Data extract:
◇ ◇ ◇ ◇ ◇ ◇ ◇

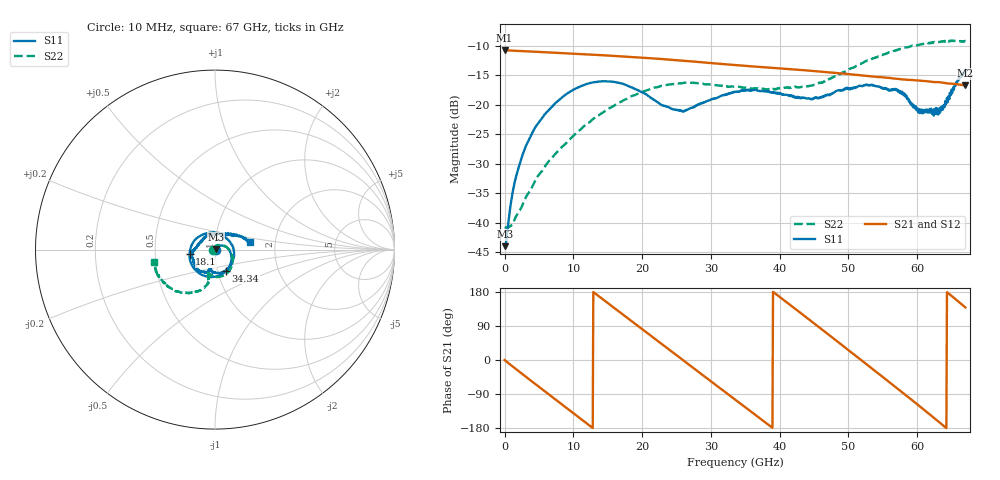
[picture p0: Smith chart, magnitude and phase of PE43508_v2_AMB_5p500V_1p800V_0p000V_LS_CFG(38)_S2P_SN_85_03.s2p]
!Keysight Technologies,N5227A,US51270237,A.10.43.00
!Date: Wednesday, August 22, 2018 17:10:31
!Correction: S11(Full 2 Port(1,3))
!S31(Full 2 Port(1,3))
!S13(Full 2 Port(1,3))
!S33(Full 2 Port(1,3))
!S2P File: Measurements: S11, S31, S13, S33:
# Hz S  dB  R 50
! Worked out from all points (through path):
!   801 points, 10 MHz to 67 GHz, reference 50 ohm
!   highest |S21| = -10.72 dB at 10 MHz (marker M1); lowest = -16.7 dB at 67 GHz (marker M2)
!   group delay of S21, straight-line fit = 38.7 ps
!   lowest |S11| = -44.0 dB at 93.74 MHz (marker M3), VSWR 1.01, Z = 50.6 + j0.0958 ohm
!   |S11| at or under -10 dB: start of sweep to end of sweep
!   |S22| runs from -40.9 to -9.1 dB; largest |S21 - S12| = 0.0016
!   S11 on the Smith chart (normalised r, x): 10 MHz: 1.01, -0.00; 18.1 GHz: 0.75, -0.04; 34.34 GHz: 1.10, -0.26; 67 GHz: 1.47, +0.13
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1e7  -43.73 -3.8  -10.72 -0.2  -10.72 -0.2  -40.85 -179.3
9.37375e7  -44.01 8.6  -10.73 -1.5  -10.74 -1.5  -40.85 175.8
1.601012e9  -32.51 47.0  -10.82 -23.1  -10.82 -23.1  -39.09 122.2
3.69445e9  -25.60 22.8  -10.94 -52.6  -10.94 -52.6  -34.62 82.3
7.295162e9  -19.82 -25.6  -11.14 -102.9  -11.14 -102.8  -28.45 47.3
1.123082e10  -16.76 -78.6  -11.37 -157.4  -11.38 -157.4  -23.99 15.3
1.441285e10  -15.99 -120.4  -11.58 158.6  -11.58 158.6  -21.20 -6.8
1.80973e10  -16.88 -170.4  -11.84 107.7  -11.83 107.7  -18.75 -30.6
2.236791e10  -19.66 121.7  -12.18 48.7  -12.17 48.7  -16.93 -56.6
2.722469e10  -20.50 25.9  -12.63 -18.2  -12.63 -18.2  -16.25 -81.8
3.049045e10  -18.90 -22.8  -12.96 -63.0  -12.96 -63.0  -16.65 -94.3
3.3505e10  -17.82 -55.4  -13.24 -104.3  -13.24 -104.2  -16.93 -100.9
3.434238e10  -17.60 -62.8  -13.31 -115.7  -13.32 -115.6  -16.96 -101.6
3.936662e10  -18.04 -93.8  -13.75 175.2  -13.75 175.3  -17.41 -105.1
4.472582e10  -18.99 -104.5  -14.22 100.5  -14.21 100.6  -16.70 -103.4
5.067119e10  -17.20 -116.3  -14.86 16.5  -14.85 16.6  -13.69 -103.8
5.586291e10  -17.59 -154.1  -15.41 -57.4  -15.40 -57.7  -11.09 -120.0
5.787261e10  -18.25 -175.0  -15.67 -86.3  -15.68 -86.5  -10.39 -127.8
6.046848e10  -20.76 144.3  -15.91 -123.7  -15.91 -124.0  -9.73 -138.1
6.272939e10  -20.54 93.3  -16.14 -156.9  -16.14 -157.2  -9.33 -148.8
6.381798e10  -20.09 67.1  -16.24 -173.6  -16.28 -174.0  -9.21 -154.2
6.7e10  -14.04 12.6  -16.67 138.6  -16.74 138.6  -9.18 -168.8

◇ ◇ ◇ ◇ ◇ ◇ ◇

Task instructions: The response has to be an exact copy of all the data, pictures excluded.

Written answer:
[picture p0: Smith chart, magnitude and phase of PE43508_v2_AMB_5p500V_1p800V_0p000V_LS_CFG(38)_S2P_SN_85_03.s2p]
!Keysight Technologies,N5227A,US51270237,A.10.43.00
!Date: Wednesday, August 22, 2018 17:10:31
!Correction: S11(Full 2 Port(1,3))
!S31(Full 2 Port(1,3))
!S13(Full 2 Port(1,3))
!S33(Full 2 Port(1,3))
!S2P File: Measurements: S11, S31, S13, S33:
# Hz S  dB  R 50
! Worked out from all points (through path):
!   801 points, 10 MHz to 67 GHz, reference 50 ohm
!   highest |S21| = -10.72 dB at 10 MHz (marker M1); lowest = -16.7 dB at 67 GHz (marker M2)
!   group delay of S21, straight-line fit = 38.7 ps
!   lowest |S11| = -44.0 dB at 93.74 MHz (marker M3), VSWR 1.01, Z = 50.6 + j0.0958 ohm
!   |S11| at or under -10 dB: start of sweep to end of sweep
!   |S22| runs from -40.9 to -9.1 dB; largest |S21 - S12| = 0.0016
!   S11 on the Smith chart (normalised r, x): 10 MHz: 1.01, -0.00; 18.1 GHz: 0.75, -0.04; 34.34 GHz: 1.10, -0.26; 67 GHz: 1.47, +0.13
1e7  -43.73 -3.8  -10.72 -0.2  -10.72 -0.2  -40.85 -179.3
9.37375e7  -44.01 8.6  -10.73 -1.5  -10.74 -1.5  -40.85 175.8
1.601012e9  -32.51 47.0  -10.82 -23.1  -10.82 -23.1  -39.09 122.2
3.69445e9  -25.60 22.8  -10.94 -52.6  -10.94 -52.6  -34.62 82.3
7.295162e9  -19.82 -25.6  -11.14 -102.9  -11.14 -102.8  -28.45 47.3
1.123082e10  -16.76 -78.6  -11.37 -157.4  -11.38 -157.4  -23.99 15.3
1.441285e10  -15.99 -120.4  -11.58 158.6  -11.58 158.6  -21.20 -6.8
1.80973e10  -16.88 -170.4  -11.84 107.7  -11.83 107.7  -18.75 -30.6
2.236791e10  -19.66 121.7  -12.18 48.7  -12.17 48.7  -16.93 -56.6
2.722469e10  -20.50 25.9  -12.63 -18.2  -12.63 -18.2  -16.25 -81.8
3.049045e10  -18.90 -22.8  -12.96 -63.0  -12.96 -63.0  -16.65 -94.3
3.3505e10  -17.82 -55.4  -13.24 -104.3  -13.24 -104.2  -16.93 -100.9
3.434238e10  -17.60 -62.8  -13.31 -115.7  -13.32 -115.6  -16.96 -101.6
3.936662e10  -18.04 -93.8  -13.75 175.2  -13.75 175.3  -17.41 -105.1
4.472582e10  -18.99 -104.5  -14.22 100.5  -14.21 100.6  -16.70 -103.4
5.067119e10  -17.20 -116.3  -14.86 16.5  -14.85 16.6  -13.69 -103.8
5.586291e10  -17.59 -154.1  -15.41 -57.4  -15.40 -57.7  -11.09 -120.0
5.787261e10  -18.25 -175.0  -15.67 -86.3  -15.68 -86.5  -10.39 -127.8
6.046848e10  -20.76 144.3  -15.91 -123.7  -15.91 -124.0  -9.73 -138.1
6.272939e10  -20.54 93.3  -16.14 -156.9  -16.14 -157.2  -9.33 -148.8
6.381798e10  -20.09 67.1  -16.24 -173.6  -16.28 -174.0  -9.21 -154.2
6.7e10  -14.04 12.6  -16.67 138.6  -16.74 138.6  -9.18 -168.8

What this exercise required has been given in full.